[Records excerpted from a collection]
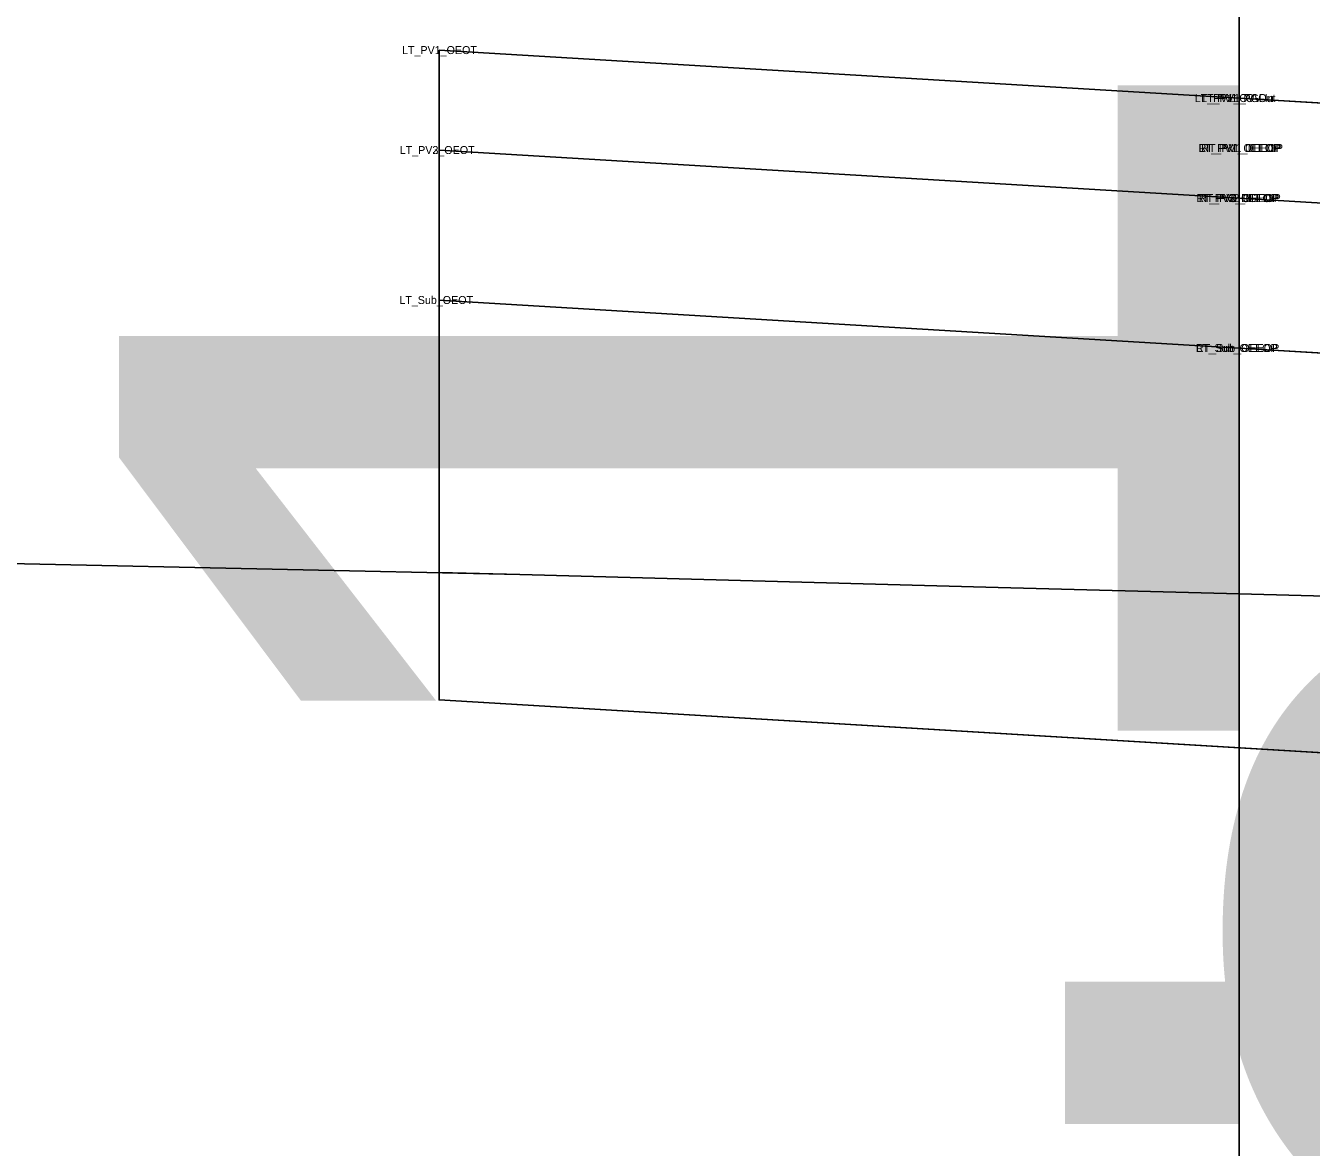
# Model space of a CAD drawing. Extents: x -516 to 303, y -10 to 5017.
# Drawn here: x 146.967 to 150.18, y 2006.522 to 2009.327 of the extents above; entities that cross this region are included whole.
import ezdxf

# ---------------------------------------------------------------- set-up
doc = ezdxf.new("R2010")
doc.units = 0
for name, color, linetype in [('Exist Cross Section Cell', 7, 'Continuous'), ('Exist XS Ground Line', 7, 'Continuous'), ('Prop CMT Pvmt Course 1', 7, 'Continuous'), ('Prop CMT Pvmt Course 2', 7, 'Continuous'), ('Prop CMT Pvmt Course 3', 7, 'Continuous'), ('Prop CMT Pvmt Surface', 7, 'Continuous'), ('Prop CMT Subgrade Earthwork', 7, 'Continuous'), ('Prop Road Sect_ Misc - Drafting Aid (solid line)', 7, 'Continuous'), ('Prop Road Sect_ Recs - UC Shallow (Outline)', 7, 'Continuous'), ('Prop Road Sect_ Recs - UC Shallow (Pattern)', 7, 'Continuous'), ('Scratch_Level_0', 7, 'Continuous')]:
    doc.layers.add(name, color=color, linetype=linetype)

msp = doc.modelspace()

# ---------------------------------------------------------------- linework, layer by layer
at = {"layer": 'Exist Cross Section Cell'}
msp.add_line((150, 2000), (150, 2030.4404), dxfattribs=at)
at = {"layer": 'Exist XS Ground Line'}
msp.add_lwpolyline([(139.074, 2008.0997), (140.4171, 2008.103), (141.132, 2008.106), (143.3267, 2008.0797), (143.9958, 2008.0596), (145.6153, 2008.0126), (145.9784, 2008.006), (146.9642, 2007.9817), (148.2019, 2007.9549), (149.3973, 2007.9221), (150, 2007.906), (150.7755, 2007.8854), (153.3472, 2007.8082), (154.1183, 2007.7912), (155.9076, 2007.7453), (157.6019, 2007.6791), (158.4835, 2007.6479), (159.961, 2007.5813)], dxfattribs=at)
at = {"layer": 'Prop CMT Pvmt Course 1'}
for points in [[(150, 2009.1461), (148, 2009.2661)], [(148, 2009.2661), (148, 2009.0161)], [(150, 2009.0211), (150, 2009.1461)], [(150, 2009.1461), (162, 2008.4261)], [(150, 2008.896), (150, 2009.1461)], [(150, 2008.896), (150, 2009.0211)], [(148, 2009.0161), (150, 2008.896)], [(162, 2008.1761), (150, 2008.896)]]:
    msp.add_lwpolyline(points, dxfattribs=at)
msp.add_lwpolyline([(150, 2008.896), (150, 2009.0211), (150, 2009.0211), (150, 2008.896)], close=True, dxfattribs=at)
at = {"layer": 'Prop CMT Pvmt Course 2'}
for points in [[(148, 2009.0161), (150, 2008.896)], [(150, 2008.896), (148, 2009.0161)], [(148, 2009.0161), (148, 2009.0161)], [(150, 2008.896), (150, 2008.896)], [(162, 2008.1761), (150, 2008.896)], [(150, 2008.896), (150, 2008.896)], [(150, 2008.896), (162, 2008.1761)]]:
    msp.add_lwpolyline(points, dxfattribs=at)
at = {"layer": 'Prop CMT Pvmt Course 3'}
for points in [[(150, 2008.896), (148, 2009.0161)], [(148, 2009.0161), (148, 2008.6411)], [(150, 2008.521), (150, 2008.896)], [(150, 2008.896), (162, 2008.1761)], [(150, 2008.521), (150, 2008.896)], [(148, 2008.6411), (150, 2008.521)], [(162, 2007.8011), (150, 2008.521)]]:
    msp.add_lwpolyline(points, dxfattribs=at)
at = {"layer": 'Prop CMT Pvmt Surface'}
for p, q in [((148, 2009.2661), (148, 2008.6411)), ((150, 2009.1461), (148, 2009.2661)), ((150, 2009.1461), (150, 2009.1461)), ((150, 2009.1461), (150, 2009.1461)), ((150, 2009.1461), (162, 2008.4261))]:
    msp.add_line(p, q, dxfattribs=at)
at = {"layer": 'Prop CMT Subgrade Earthwork'}
for p, q in [((148, 2008.6411), (148, 2007.9593)), ((150, 2008.521), (148, 2008.6411)), ((150, 2008.521), (162, 2007.8011))]:
    msp.add_line(p, q, dxfattribs=at)
at = {"layer": 'Prop Road Sect_ Misc - Drafting Aid (solid line)'}
for p in [(148, 2008.6411), (162, 2006.8011)]:
    msp.add_line(p, (148, 2007.6411), dxfattribs=at)
at = {"layer": 'Prop Road Sect_ Recs - UC Shallow (Outline)'}
msp.add_lwpolyline([(148, 2007.6411), (148, 2007.9593), (148.2019, 2007.9549), (149.3973, 2007.9221), (150, 2007.906), (150.7755, 2007.8854), (153.3472, 2007.8082), (154.1183, 2007.7912), (155.9076, 2007.7453), (157.6019, 2007.6791), (158.4835, 2007.6479), (159.961, 2007.5813), (161.0579, 2007.5364), (161.7106, 2007.5109), (163.7403, 2007.435), (164.3584, 2007.4133), (164.8981, 2007.3863), (165.9538, 2007.3364), (166.2649, 2007.3278), (166.2649, 2006.6052), (165.2649, 2006.6052), (162, 2006.8011)], close=True, dxfattribs=at)
at = {"layer": 'Prop Road Sect_ Recs - UC Shallow (Pattern)'}
msp.add_lwpolyline([(162, 2006.8011), (165.2649, 2006.6052), (166.2649, 2006.6052), (166.2649, 2007.3278), (165.9538, 2007.3364), (164.8981, 2007.3863), (164.3584, 2007.4133), (163.7403, 2007.435), (161.7106, 2007.5109), (161.0579, 2007.5364), (159.961, 2007.5813), (158.4835, 2007.6479), (157.6019, 2007.6791), (155.9076, 2007.7453), (154.1183, 2007.7912), (153.3472, 2007.8082), (150.7755, 2007.8854), (150, 2007.906), (149.3973, 2007.9221), (148.2019, 2007.9549), (148, 2007.9593), (148, 2007.6411), (162, 2006.8011)], dxfattribs=at)

# ---------------------------------------------------------------- texts
at = {"layer": 'Exist Cross Section Cell'}
for s, p in [('E 2266393.4948', (152.8, 1990)), ('N 511365.1629', (150, 1990))]:
    msp.add_text(s, height=2.8, rotation=90, dxfattribs=at).set_placement(p)
at = {"layer": 'Scratch_Level_0'}
for s, p in [('LT_PV1_OEOT', (147.9074, 2009.2561)), ('LT_PV1_OV-Out', (149.8885, 2009.1361)), ('LT_PV1_OV-In', (149.9047, 2009.1361)), ('PV1_PGL', (149.9447, 2009.1361)), ('LT_PV3_OEOT', (147.9017, 2009.0061)), ('LT_PV2_OEOT', (147.9017, 2009.0061)), ('RT_PV1_OEEOP', (149.8983, 2009.0111)), ('LT_PV1_OEEOP', (149.8987, 2009.0111)), ('RT_PV1_IEEOP', (149.9047, 2009.0111)), ('RT_PV2_OEEOP', (149.8926, 2008.886)), ('RT_PV3_OEEOP', (149.8926, 2008.886)), ('LT_PV2_OEEOP', (149.8931, 2008.886)), ('LT_PV3_OEEOP', (149.8931, 2008.886)), ('RT_PV2_IEEOP', (149.8991, 2008.886)), ('PV2_PGL', (149.9391, 2008.886)), ('LT_Sub_OEOT', (147.9008, 2008.6311)), ('RT_Sub_OEEOP', (149.8917, 2008.511)), ('LT_Sub_OEEOP', (149.8921, 2008.511))]:
    msp.add_text(s, height=0.02, dxfattribs=at).set_placement(p)

doc.saveas('drawing.dxf')

TO DO =>
Look through the data above. Find each line with the string "height" and copy it.

EXERCISE SOLUTION =>
    msp.add_text(s, height=2.8, rotation=90, dxfattribs=at).set_placement(p)
    msp.add_text(s, height=0.02, dxfattribs=at).set_placement(p)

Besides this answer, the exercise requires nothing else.